Building Fault Tolerance into Unmanned Rotorcraft

2026-06-10 6 min read

A helicopter with a failed swashplate servo offers no graceful degradation window. The physics of rotary-wing flight — continuous high-frequency control authority over collective and cyclic pitch — means that the interval between a single-point failure and an unrecoverable attitude is measured in milliseconds, not seconds. For unmanned rotorcraft operating beyond visual line of sight, where no pilot reflex is available, redundancy is not a design enhancement. It is the minimum viable architecture.

Understanding what redundancy actually means in this context requires distinguishing three separate layers: the computational layer where flight control logic executes, the sensing layer where state is measured, and the actuation and power layer where commands become physical forces. A well-designed system is redundant at all three. A system that is redundant at only one layer has a false sense of its own robustness — it has eliminated one category of failure while leaving the others as uncovered single points.

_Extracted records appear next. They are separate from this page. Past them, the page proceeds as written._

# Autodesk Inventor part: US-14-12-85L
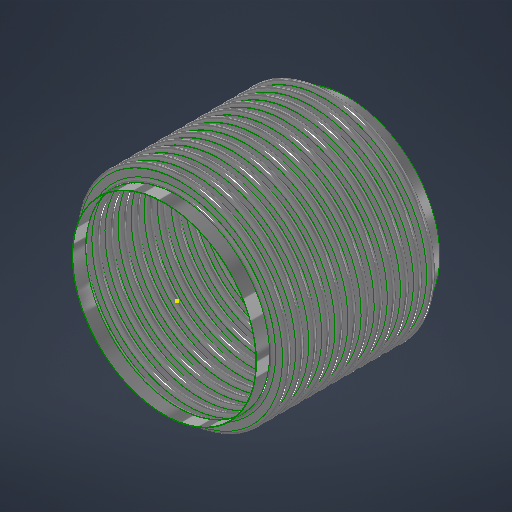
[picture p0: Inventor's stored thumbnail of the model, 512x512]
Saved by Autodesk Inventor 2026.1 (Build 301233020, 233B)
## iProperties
Category: 20 GA (0.036 THICK)
RuleStatus: InUse
Created: 2026-07
Part Number: US-14-12-85L
Project: =STOCK BELLOWS: <Stock Number><SFILL>
Material: ASTM A240-304
Description: =STOCK BELLOWS: <Stock Number>, <SID_> I.D., <SOD_> O.D., <SPLY_> PLY, <Category>, <SNET_CONS> CONS.<PITCH_><STANGENT_> TANGENT<SFILL>
Document SubType Name: Sheet Metal
Designer: LC
Stock Number: U.S-14-12-85L
Surface Area: 659.127 cm^2
Volume: 56.61 cm^3
Sheet Metal Rule: Default
Appearance: STAINLESS STEEL
NET_TUBE: 3.428
COUNTER: 1.500
PBAR: 1.214
PSET: 5.356
PLY: 2
CONS: 2
THK: 0.036
ID: 4.500
OD: 5.500
CONS_: 2
TANGENT: 0.500
PITCH: 0.375
BELLOWS_UPSET: 0.000
NET_CONS: 2
S_CONS: 0
Description_Units: 0
ID_M: 114.30 mm
OD_M: 139.70 mm
THK_M: 0.91 mm
ID_U: 4.500 in
OD_U: 5.500 in
THK_U: 0.036 in
TANGENT2: 0.500
d79: 1.000
d82: 1.000
d83: 26.000
d84: 24.000
d80: 2.571
d81: 10
SID: 2.375
SCONS_: 12
SPITCH: 0.250
SBELLOWS_UPSET: 0.000
SNET_CONS: 12
SS_CONS: 0
SCONS: 8
d174: 8
d177: 0.018
d178: 2.375
d179: 3.000
d180: 0.375
d181: 1.000
d182: 0.000
d190: 8
d191: 1
d192: 1
d193: 8
d194: 0
PART_NUMBER: U.S-14-12-85L
PRESSURE: 85
SIZE: 14.00
STANGENT_: 1.000
d214: 8
d217: 0.030
d218: 6.625
d219: 8.125
d220: 0.500
d221: 1.000
d222: 0.000
d230: 8
d231: 1
d232: 1
d233: 8
d234: 0
STANGENT: 4.000
SPLY_: 1
STHK_: 0.036
SID_: 14.000
SOD_: 16.125
SPITCH_: 1.000
STANGENT__: 1.000
SBELLOWS_UPSET_: 0.000
SDIFF_TAN: 1.000
TAN_TO_TAN: 0.750 in
d252: 2
d275: 2
d287: 0.050
d289: 0.500
d290: 0.000
d263: 2
d265: 1
d268: 2
d269: 0
d286: 2
d288: 1
d291: 2
d292: 0
SOD_NECK: 14 1/16
CFILL: .
SFILL: .
PITCH_: =, <SPITCH_> PITCH,
SREROLL: 0.750
MATTABLE: 20 GA (0.036 THICK)
MESH: ,
CSECT: 2
Author: LC
Keywords: 20 GA (0.036 THICK)
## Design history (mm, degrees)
sketch "Sketch2"
  geometry: L1 (0, -183.595)-(0, 600.956) reference; L2 (58.979, 0)-(57.15, 0); L3 (60.446, -1.467)-(66.554, -1.467); L4 (60.446, -3.296)-(66.554, -3.296); L5 (66.554, -8.058)-(60.446, -8.058); L6 (66.554, -6.229)-(60.446, -6.229); L7 (58.979, -9.525)-(57.15, -9.525); L8 (60.446, 0)-(60.446, -9.525); L9 (66.554, -4.762)-(69.85, -4.763); L10 (57.15, 0)-(57.15, -9.525); L11 (20.376, 102.841)-(20.376, 101.926); L12 (58.262, 488.877)-(58.262, 349.177); L13 (58.262, 479.352)-(58.262, 339.652); L14 (93.133, -58.817)-(93.133, -71.517); L15 (118.746, -66.401)-(118.746, -66.401); L16 (66.554, -6.229)-(66.554, -8.058); L17 (60.446, -6.229)-(60.446, -8.058); L18 (60.446, -7.144)-(66.554, -7.144); L19 (69.85, 0)-(69.85, -9.525); L20 (-66.554, -6.229)-(-66.554, -8.058); L21 (-66.554, -1.467)-(-60.446, -1.467); L22 (-66.554, -3.296)-(-60.446, -3.296); L23 (-60.446, -6.229)-(-66.554, -6.229); L24 (-66.554, -7.144)-(-60.446, -7.144); L25 (-60.446, -8.058)-(-66.554, -8.058); L26 (-60.446, -6.229)-(-60.446, -8.058); L27 (-57.15, -2.522)-(-57.15, -12.047); L28 (-60.446, -4.763)-(-57.15, -4.763); L29 (-66.554, 3.828)-(-66.554, -9.525); L30 (-68.021, 0)-(-69.85, 0); L31 (-69.85, 0)-(-69.85, -9.525); L32 (-68.021, -9.525)-(-69.85, -9.525); A1 r 1.467 centre (60.446, 0) between (58.979, 0) and (60.446, -1.467); A2 r 3.296 centre (60.446, 0) between (57.15, 0) and (60.446, -3.296); A3 r 3.296 centre (66.554, -4.762) between (66.554, -8.058) and (66.554, -1.467); A4 r 1.467 centre (66.554, -4.762) between (66.554, -6.229) and (66.554, -3.296); A5 r 1.467 centre (60.446, -9.525) between (60.446, -8.058) and (58.979, -9.525); A6 r 3.296 centre (60.446, -9.525) between (60.446, -6.229) and (57.15, -9.525); A7 r 2.381 centre (66.554, -4.762) between (66.554, -7.144) and (68.936, -4.762); A8 r 2.381 centre (60.446, -9.525) between (60.446, -7.144) and (58.064, -9.525); A9 r 1.467 centre (-66.554, -9.525) between (-66.554, -8.058) and (-68.021, -9.525); A10 r 1.467 centre (-60.446, -4.763) between (-60.446, -6.229) and (-60.446, -3.296); A11 r 2.381 centre (-60.446, -4.763) between (-60.446, -7.144) and (-58.064, -4.763); A12 r 3.296 centre (-60.446, -4.763) between (-60.446, -8.058) and (-60.446, -1.467); A13 r 2.381 centre (-66.554, -9.525) between (-66.554, -7.144) and (-68.936, -9.525); A14 r 3.296 centre (-66.554, -9.525) between (-66.554, -6.229) and (-69.85, -9.525); A15 r 1.467 centre (-66.554, 0) between (-68.021, 0) and (-66.554, -1.467); A16 r 3.296 centre (-66.554, 0) between (-69.85, 0) and (-66.554, -3.296); 10 further points
  constraints: 62 end point, 38 point on circle, 20 tangent, 16 centre point, 12 parallel, 9 midpoint, 7 vertical, 6 coincident, 6 concentric, 6 point on line, 4 equal radius, 4 perpendicular, 3 horizontal, 1 collinear, 1 horizontal alignment, 10 other
  dimensions: "THK" = 0.9144 distance of L11.start L11.end; "ID" = 114.3 distance of L11.end point (20.376, -12.374); "OD" = 139.7 distance of L12.start L12.end; "PITCH" = 9.525 distance of L12.start L13.start; "TANGENT" = 12.7 distance of L14.start L14.end; "BELLOWS_UPSET" = 0 distance of L15.start L15.end; "d43" = 114.3 diameter of L10 L1 (= ID); "d44" = 139.7 diameter of L9.end L1 (= OD); "d45" = 1.8288 distance between parallel lines of L5 L6 (computed from THK, PLY); "d46" = 3.29565 radius of A3 (computed from PITCH, THK, PLY); "UPSET_PITCH" = 9.525 distance of L2.end L7.end (derived); "SIDEWALL_ANGLE" = 0 deg angle of L3 L9 (derived); "CON_GAP" = 2.9337 distance of point (60.446, -6.229) point (60.446, -3.296) (derived); "TAN1" = 3.74046 dimension on A8 (derived); "TAN2" = 3.74046 dimension on A7 (derived); "LEG1" = 6.1087 distance of L18.start L18.end (derived); "d278" = 1.8288 distance between parallel lines of L25 L23 (derived); "d279" = 3.29565 radius of A12 (derived); "d280" = 9.525 distance of L30.end L31.end (derived); "d281" = 360 deg dimension on L21 L28 (derived); "d282" = 2.9337 distance of point (-66.554, -6.229) point (-66.554, -3.296) (derived); "d283" = 3.74046 dimension on A13 (derived); "d284" = 3.74046 dimension on A11 (derived); "d285" = 6.1087 distance of L24.start L24.end (derived); "d293" = 114.3 diameter of L27 L1 (derived); "d294" = 139.7 diameter of L31 L1 (derived)
  node "Sketch Rectangular Pattern1" dims "d31" = 25.4, "ID" = 114.3
  node "Sketch Rectangular Pattern2" dims "d39" = 25.4, "PITCH" = 9.525
revolve "CONS" stored, may be unused: angle "d48" = 90 deg
node "BELLOW MIDPLANE"
pattern_linear "Rectangular Pattern2" dims "d52" = 9.525 (= UPSET_PITCH)
sketch "Sketch5"
  geometry: C1 r 58.979 at (0, 0) reference; C2 r 57.15 at (0, 0) reference
extrude "TANGENT" new body sketch "Sketch5" distance "d53" = 12.7 (= TANGENT); taper "d54" = 0 deg
revolve "SAMETAN" stored, may be unused: angle "d65" = 90 deg
revolve "DIFFTAN" stored, may be unused: angle "d70" = 90 deg
sketch "Sketch9"
  geometry: L1 (58.391, 0)-(-58.391, 0) reference; L2 (0, -17.78)-(0, 17.78) reference; L3 (41.708, 0)-(-41.708, 0); L4 (41.708, -11.906)-(41.708, 11.906); L5 (29.008, -11.906)-(29.008, 11.906); L6 (15.418, 11.906)-(15.418, -11.906); L7 (-29.008, -11.906)-(-29.008, 11.906); L8 (-41.708, -11.906)-(-41.708, 11.906); L9 (40.914, -11.906)-(40.914, 11.906); L10 (41.708, -11.906)-(40.914, -11.906); L11 (41.708, 11.906)-(40.914, 11.906); L12 (15.815, 11.906)-(15.022, 11.906); L13 (15.022, 11.906)-(15.022, -11.906); L14 (15.022, -11.906)-(15.815, -11.906); L15 (15.815, -11.906)-(15.815, 11.906); L16 (-15.815, 11.906)-(-15.815, -11.906); L17 (-15.418, 11.906)-(-15.418, -11.906); L18 (-15.815, -11.906)-(-15.022, -11.906); L19 (-15.022, -11.906)-(-15.022, 11.906); L20 (-15.022, 11.906)-(-15.815, 11.906); L21 (-41.708, -11.906)-(-40.914, -11.906); L22 (-40.914, -11.906)-(-40.914, 11.906); L23 (-40.914, 11.906)-(-41.708, 11.906); L24 (-41.708, 11.906)-(-41.708, -11.906); L25 (41.708, -0.397)-(-41.708, -0.397); L26 (-41.708, -0.397)-(-41.708, 0.397); L27 (-41.708, 0.397)-(41.708, 0.397); L28 (41.708, 0.397)-(41.708, -0.397); L29 (-41.708, 11.906)-(41.708, 11.906); L30 (41.708, 11.906)-(41.708, 12.7); L31 (41.708, 12.7)-(-41.708, 12.7); L32 (-41.708, 12.7)-(-41.708, 11.906); L33 (41.708, -11.906)-(-41.708, -11.906); L34 (-41.708, -11.906)-(-41.708, -12.7); L35 (-41.708, -12.7)-(41.708, -12.7); L36 (41.708, -12.7)-(41.708, -11.906); 30 further points
  constraints: 68 end point, 13 midpoint, 13 parallel, 8 horizontal, 7 perpendicular, 6 equal length, 3 point on line, 2 vertical, 14 other
  dimensions: "d115" = 23.8125 distance of L4.start L4.end (derived); "d116" = 12.7 distance between parallel lines of L4 L5 (derived); "d117" = 13.58962 distance between parallel lines of L5 L6 (derived); "d125" = 44.42645 distance between parallel lines of L7 L6 (derived); "d127" = 12.7 distance between parallel lines of L8 L7 (derived); "d128" = 26.28962 distance between parallel lines of L6 L4 (derived); "d130" = 83.41607 distance between parallel lines of L8 L4 (derived); "RULER_THK" = 0.79375 distance between parallel lines of L4 L9; "d135" = 0.79375 distance of L13.end L14.end (derived); "d138" = 30.83684 distance of L13.end L16.end (derived); "d143" = 0.79375 distance of L22.end L8.end (derived); "d144" = 0.79375 distance between parallel lines of L27 L25 (derived)
extrude "RULER" join sketch "Sketch9" distance "d149" = 0.79375 (derived); taper "d150" = 0 deg
extrude "BARS" join sketch "Sketch9" distance "d151" = 0.79375 (derived); taper "d152" = 0 deg
pattern_linear "Rectangular Pattern4" dims "d155" = 30.83684 (derived)
sketch "Sketch13"
  geometry: L1 (93.149, -52.467)-(93.149, -77.867); L2 (178.714, 0)-(177.8, 0); L3 (178.714, -25.4)-(177.8, -25.4); L4 (197.98, -19.507)-(184.607, -19.507); L5 (197.98, -18.593)-(184.607, -18.593); L6 (197.98, -12.7)-(204.788, -12.7); L7 (184.607, -5.893)-(197.98, -5.893); L8 (184.607, 0)-(184.607, -25.4); L9 (177.8, 0)-(177.8, -25.4); L10 (58.254, -257.248)-(58.254, -666.823); L11 (58.254, -282.648)-(58.254, -692.223); L12 (58.254, -333.448)-(58.254, -743.023); L13 (58.254, -358.848)-(58.254, -768.423); L14 (58.254, -384.248)-(58.254, -793.823); L15 (58.254, -409.648)-(58.254, -819.223); L16 (58.254, -435.048)-(58.254, -844.623); L17 (58.254, -308.048)-(58.254, -717.623); L18 (20.376, 102.841)-(20.376, 101.926); L19 (184.607, -6.807)-(197.98, -6.807); L20 (0, -1008.715)-(0, 288.1) reference; L21 (-37.783, 0)-(226.695, 0) reference; A1 r 5.893 centre (184.607, 0) between (178.714, 0) and (184.607, -5.893); A2 r 5.893 centre (184.607, -25.4) between (184.607, -19.507) and (178.714, -25.4); A3 r 6.807 centre (184.607, -25.4) between (184.607, -18.593) and (177.8, -25.4); A4 r 5.893 centre (197.98, -12.7) between (197.98, -18.593) and (197.98, -6.807); A5 r 6.807 centre (197.98, -12.7) between (197.98, -19.507) and (197.98, -5.893); A6 r 6.807 centre (184.607, 0) between (177.8, 0) and (184.607, -6.807); 6 further points; 1 other entity
  constraints: 38 end point, 15 point on circle, 9 tangent, 6 centre point, 6 parallel, 5 vertical alignment, 4 point on line, 4 vertical, 3 coincident, 3 concentric, 2 collinear, 2 equal radius, 1 horizontal, 1 perpendicular, 23 other
  dimensions: "SBELLOWS_UPSET_" = 0 distance of point (118.762, -66.401) point (118.762, -66.401); "STOTAL_THK_BELLOW__" = 0.9144 distance between parallel lines of L4 L5 (derived); "d224" = 6.8072 radius of A5 (derived); "d225" = 25.4 distance of L2.end L3.end (derived); "SSIDEWALL_ANGLE_" = 0 deg angle of L7 L6 (derived); "SSCON_GAP_" = 11.7856 distance of point (184.607, -18.593) point (184.607, -6.807) (derived); "d235" = 355.6 diameter of L9 L20 (derived); "d236" = 409.575 diameter of L6.end L20 (derived)
  node "Sketch Rectangular Pattern4" dims "d228" = 25.4
  node "Sketch Rectangular Pattern5" dims "d229" = 25.4
revolve "SBELLOW" stored, may be unused: angle "d197" = 90 deg
pattern_linear "Rectangular Pattern5" dims "d204" = 25.4 (derived)
revolve "STANGENT" stored, may be unused: angle "d240" = 90 deg
revolve "SSAMETAN" stored, may be unused: angle "d241" = 90 deg
revolve "SDIFFTAN" stored, may be unused: angle "d246" = 90 deg
revolve "INVCON" stored, may be unused: angle "d295" = 90 deg
pattern_linear "Rectangular Pattern6" dims "d298" = 9.525 (derived)
revolve "INVTANGENT" stored, may be unused: angle "d302" = 90 deg
revolve "INVSAMETAN" stored, may be unused: angle "d307" = 90 deg
revolve "INVDIFFTAN" stored, may be unused: angle "d312" = 90 deg
sketch "ID BELLOW MOUNT CALC"
  geometry: L1 (44.45, 0)-(38.1, 0); L2 (38.1, 0)-(38.1, 12.7); L3 (38.1, 12.7)-(44.45, 12.7); L4 (44.45, 12.7)-(44.45, 0); L5 (36.513, 12.7)-(34.684, 12.7); L6 (34.684, 12.7)-(34.684, 0); L7 (34.684, 0)-(36.513, 0); L8 (36.513, 0)-(36.513, 12.7); L9 (0, -2.54)-(0, 15.24) reference; L10 (-8.89, 0)-(53.34, 0) reference; 1 further point
  constraints: 16 end point, 5 parallel, 2 collinear, 2 horizontal, 2 perpendicular
  dimensions: "d314" = 12.7 distance of L5.end L6.end (derived); "d315" = 1.8288 distance of L5.start L5.end (derived); "IG" = 1.5875 distance between parallel lines of L2 L8; "PIPE_OD" = 88.9 diameter of L4 L9; "PIPE_WALL" = 6.35 distance of L2.end L3.end; "ID_MT_BELLOW" = 69.3674 diameter of L6 L9 (derived)
revolve "CFILL" stored, may be unused: angle "d320" = 90 deg
pattern_linear "Rectangular Pattern7" dims "d323" = 9.525 (derived)
revolve "SFILL" stored, may be unused: angle "d324" = 90 deg
pattern_linear "Rectangular Pattern8" dims "d327" = 25.4 (derived)
node "STOCK BELLOW MIDPLANE"
sketch "Sketch21"
  geometry: L1 (0, -100.013)-(0, 100.013) reference; L2 (-100.013, 0)-(100.013, 0) reference; L3 (-0.099, 71.437)-(0.099, 71.437); L4 (0.099, 71.437)-(0.099, 55.562); L5 (0.099, 55.562)-(-0.099, 55.562); L6 (-0.099, 55.562)-(-0.099, 71.437); C1 r 55.562 at (0, 0); C2 r 71.437 at (0, 0); 3 further points
  constraints: 8 end point, 2 centre point, 2 coincident, 2 parallel, 2 tangent, 1 horizontal, 1 perpendicular, 1 other
  dimensions: "d329" = 111.125 diameter of C1 (derived); "d330" = 142.875 diameter of C2 (derived); "d331" = 0.19844 distance of L3.start L3.end
extrude "CLAMSHELL" cut sketch "Sketch21" extent not by distance; stored distance "d332" = 0; taper "d333" = 0 deg
pattern_circular "Circular Pattern1" dims angle "d335" = 180 deg (derived)
node "BELLOW"
sketch "Sketch6"
  geometry: L1 (-19.05, 58.979)-(-6.35, 58.979); L2 (-6.35, 58.979)-(-6.35, 57.15); L3 (-6.35, 57.15)-(-19.05, 57.15); L4 (-19.05, 57.15)-(-19.05, 58.979); L5 (2.54, 0)-(-59.69, 0) reference; L6 (-38.1, -108.388)-(-38.1, 156.601) reference; 1 further point
  constraints: 8 end point, 2 parallel, 1 horizontal, 1 perpendicular
  dimensions: "d61" = 12.7 distance of L2.end L3.end (derived); "d62" = 1.8288 distance of L1.end L2.end (derived); "d63" = 114.3 diameter of L3 L5 (derived); "d64" = 19.05 distance between parallel lines of L4 L6 (derived)
sketch "Sketch12"
  geometry: 1 further point
sketch "Sketch14"
  geometry: L1 (-25.4, 178.714)-(0, 178.714); L2 (0, 178.714)-(0, 177.8); L3 (0, 177.8)-(-25.4, 177.8); L4 (-25.4, 177.8)-(-25.4, 178.714); L5 (5.08, 0)-(-30.48, 0) reference; L6 (0, -32.568)-(0, 195.407) reference; 1 further point
  constraints: 8 end point, 2 parallel, 1 collinear, 1 horizontal, 1 perpendicular
  dimensions: "d237" = 0.9144 distance of L3.end L1.start (derived); "d238" = 355.6 diameter of L3 L5 (derived); "d239" = 25.4 distance of L1.start L1.end (derived); "SOD_NECK" = 357.4288 diameter of L1 L5 (derived)
sketch "Sketch15"
  geometry: L1 (-32.568, 0)-(195.407, 0) reference; L2 (177.8, -304.8)-(178.714, -304.8); L3 (178.714, -304.8)-(178.714, -330.2); L4 (178.714, -330.2)-(177.8, -330.2); L5 (177.8, -330.2)-(177.8, -304.8); L6 (0, -398.78)-(0, 81.28) reference; 1 further point
  constraints: 8 end point, 2 parallel, 1 horizontal, 1 perpendicular
  dimensions: "d205" = 25.4 distance of L4.end L2.start (derived); "d206" = 0.9144 distance of L3.end L4.end (derived); "d207" = 355.6 diameter of L5 L6 (derived); "d208" = 304.8 distance between parallel lines of L1 L2 (derived)
node "TANGENT_"
node "SAME_TAN"
sketch "Sketch8"
  geometry: L1 (58.979, -19.05)-(57.15, -19.05); L2 (57.15, -19.05)-(57.15, -31.75); L3 (57.15, -31.75)-(58.979, -31.75); L4 (58.979, -31.75)-(58.979, -19.05); L5 (0, -40.64)-(0, 21.59) reference; L6 (-108.388, 0)-(156.601, 0) reference; 1 further point
  constraints: 8 end point, 2 parallel, 1 horizontal, 1 perpendicular
  dimensions: "d66" = 114.3 diameter of L2 L5 (derived); "TOTAL_THK_BELLOW" = 1.8288 distance of L2.end L3.end (derived); "d68" = 19.05 distance between parallel lines of L1 L6 (derived); "d69" = 12.7 distance of L1.end L2.end (derived)
node "DIFF_TAN"
node "Sketch Rectangular Pattern3" dims "d138" = 30.83684 (derived), "d141" = 25.4
node "SBELLOW_"
node "STANGENT_"
node "SSAME_TAN"
sketch "Sketch16"
  geometry: L1 (178.714, -304.8)-(177.8, -304.8); L2 (177.8, -304.8)-(177.8, -330.2); L3 (177.8, -330.2)-(178.714, -330.2); L4 (178.714, -330.2)-(178.714, -304.8); L5 (0, -398.78)-(0, 81.28) reference; L6 (-32.568, 0)-(195.407, 0) reference; 1 further point
  constraints: 8 end point, 2 parallel, 1 horizontal, 1 perpendicular
  dimensions: "SDIFF_TAN" = 25.4 distance of L3.end L1.start; "d243" = 0.9144 distance of L2.end L3.end (derived); "d244" = 304.8 distance between parallel lines of L1 L6 (derived); "d245" = 355.6 diameter of L2 L5 (derived)
node "SDIFF_TAN"
body "Solid15"
sketch "Sketch17"
  geometry: L1 (69.85, 12.7)-(68.021, 12.7); L2 (68.021, 12.7)-(68.021, 0); L3 (68.021, 0)-(69.85, 0); L4 (69.85, 0)-(69.85, 12.7); L5 (0, -2.54)-(0, 15.24) reference; L6 (-13.97, 0)-(83.82, 0) reference; 2 further points
  constraints: 8 end point, 2 parallel, 1 horizontal, 1 midpoint, 1 perpendicular, 1 point on line
  dimensions: "INVTANGENT" = 12.7 distance of L3.end L1.start (derived); "d300" = 1.8288 distance of L1.start L1.end (derived); "d301" = 139.7 diameter of L4 L5 (derived)
body "Solid16"
sketch "Sketch18"
  geometry: L1 (69.85, -19.05)-(68.021, -19.05); L2 (68.021, -19.05)-(68.021, -31.75); L3 (68.021, -31.75)-(69.85, -31.75); L4 (69.85, -31.75)-(69.85, -19.05); L5 (-13.97, 0)-(83.82, 0) reference; L6 (0, -40.64)-(0, 21.59) reference; 1 further point
  constraints: 8 end point, 2 parallel, 1 horizontal, 1 perpendicular
  dimensions: "d303" = 19.05 distance between parallel lines of L1 L5 (derived); "d304" = 12.7 distance of L3.end L1.start (derived); "d305" = 1.8288 distance of L2.end L3.end (derived); "d306" = 139.7 diameter of L4 L6 (derived)
body "Solid17"
sketch "Sketch19"
  geometry: L1 (69.85, -19.05)-(68.021, -19.05); L2 (68.021, -19.05)-(68.021, -31.75); L3 (68.021, -31.75)-(69.85, -31.75); L4 (69.85, -31.75)-(69.85, -19.05); L5 (0, -40.64)-(0, 21.59) reference; L6 (-13.97, 0)-(83.82, 0) reference; 1 further point
  constraints: 8 end point, 2 parallel, 1 horizontal, 1 perpendicular
  dimensions: "d308" = 12.7 distance of L1.end L2.end (derived); "d309" = 139.7 diameter of L4 L5 (derived); "d310" = 1.8288 distance of L2.end L3.end (derived); "d311" = 19.05 distance between parallel lines of L1 L6 (derived)
body "Solid18"
body "Solid19"
body "Solid20"
other parameters: "BMPL" = -152.4, "PSET" = 136.0424 (computed from OD, THK, PLY) [user parameter], "PBAR" = 30.83684 (= 0.570796 x PITCH + OD - ID) [user parameter; used in 1 equation term], "COUNTER" = 15 [user parameter], "NET_TUBE" = 87.07367 (computed from CONS_, PBAR, TANGENT) [user parameter], "S_CONS" = 0 [user parameter; used in 1 equation term], "ID_M" = 114.3 (= ID) [user parameter], "OD_M" = 139.7 (= OD) [user parameter], "THK_M" = 0.9144 (= THK) [user parameter], "ID_U" = 114.3 (= ID) [user parameter], "OD_U" = 139.7 (= OD) [user parameter], "THK_U" = 0.9144 (= THK) [user parameter], "D_UNITS" = 0 [user parameter], "TANGENT2" = 12.7 [user parameter], "TAN_TO_TAN" = 19.05 [user parameter], "OD_NECK" = 117.9576 [user parameter], "d79" = 25.4, "d80" = 65.29823 [user parameter], "d82" = 25.4, "d83" = 660.4, "d84" = 609.6, "sa_0" = 4, "FRAME_THK" = 0.79375 [user parameter], "CON_FLAT" = 13.58962 [user parameter], "SID" = 60.325 [user parameter], "SPITCH" = 6.35 [user parameter], "STANGENT_" = 25.4 [user parameter], "SBELLOWS_UPSET" = 0 [user parameter], "SS_CONS" = 0 [user parameter], "STAN_TO_TAN_" = 304.8 [user parameter], "d100" = 0.9144 [user parameter], "d191" = 25.4 [user parameter], "d194" = 0 [user parameter], "STANGENT" = 101.6 [user parameter], "d234" = 0 [user parameter], "SUPSET_PITCH_" = 25.4 [user parameter], "d269" = 0 [user parameter], "d287" = 1.27, "d289" = 12.7, "d290" = 0, "d292" = 0 [user parameter], "Thickness" = 3.048 (derived), "KFactor" = 4.4, "BendRadius" = 3.048 (derived), "BendReliefWidth" = 3.048 (derived), "BendReliefDepth" = 1.524 (derived), "CornerReliefSize" = 12.192 (derived), "SeamGap" = 0.00508, "MinimumRemnant" = 6.096 (derived), "TransitionRadius" = 3.048 (derived), "JacobiRadiusSize" = 3.048 (derived), "GapSize" = 3.048 (derived), "SREROLL" = 19.05 [user parameter], "CUR_STK_PITCH" = 25.4 [user parameter], "d328" = -152.4 (derived), "CSECTDEG" = 180 deg [user parameter]

At the computational layer, the dominant pattern is a dual or triple-redundant flight controller arrangement. In a dual-redundant configuration, two independent processors execute the same flight control algorithm in parallel and continuously compare their outputs. On divergence above a defined threshold, the monitoring controller can either take over as primary or command a predefined safe state. In a triple-redundant architecture, the system applies a majority voting rule: if two controllers agree and one dissents, the dissenting output is masked. Triple redundancy allows the system to remain fully operational through a single controller failure rather than merely degrading gracefully — a distinction that matters when the aircraft is mid-mission over an area where an immediate landing would be dangerous or impractical.

The key implementation challenge is ensuring the processors are genuinely independent. Independence means separate power rails, separate oscillators, separate firmware images on separate non-volatile memory, and — critically — no shared software library that could carry a common-cause bug. A common-cause failure, where a single defect triggers simultaneous failure across all redundant channels, destroys the statistical value of the redundancy entirely. For unmanned systems targeting heavy-lift UAV applications, software verification practices from manned aviation — including modified condition/decision coverage — are increasingly being adopted rather than derived from ground robotics.

The sensing layer presents a different set of challenges. Flight controllers depend on a continuous, accurate stream of inertial, barometric, and positional data. Redundant inertial measurement units (IMUs) are standard on any serious rotorcraft platform, but raw redundancy is not enough. The system must adjudicate between sensor readings in real time, and the adjudication logic itself must be robust. The most common approach is a voting or consistency-checking scheme: if three IMUs are present and one produces readings that diverge from the other two beyond a statistical threshold, the outlier is removed from the fusion estimate and flagged for ground monitoring. For barometric altitude, which is subject to transient errors from pressure wash or temperature gradients, sensor fusion with GPS or radar altimetry provides cross-validation.

Magnetometers used for heading reference are particularly susceptible to interference from electric motors, battery packs, and structural ferromagnetic elements. Good practice isolates the magnetometer on an extended boom away from the main power distribution, and dual magnetometers mounted with deliberate angular offset allow the system to detect heading divergence before it propagates into attitude error. On a coaxial unmanned helicopter — a configuration common in the approximately 300 kg payload class due to its compact footprint and favourable torque cancellation — the tight packaging of counter-rotating drive systems makes this isolation engineering non-trivial.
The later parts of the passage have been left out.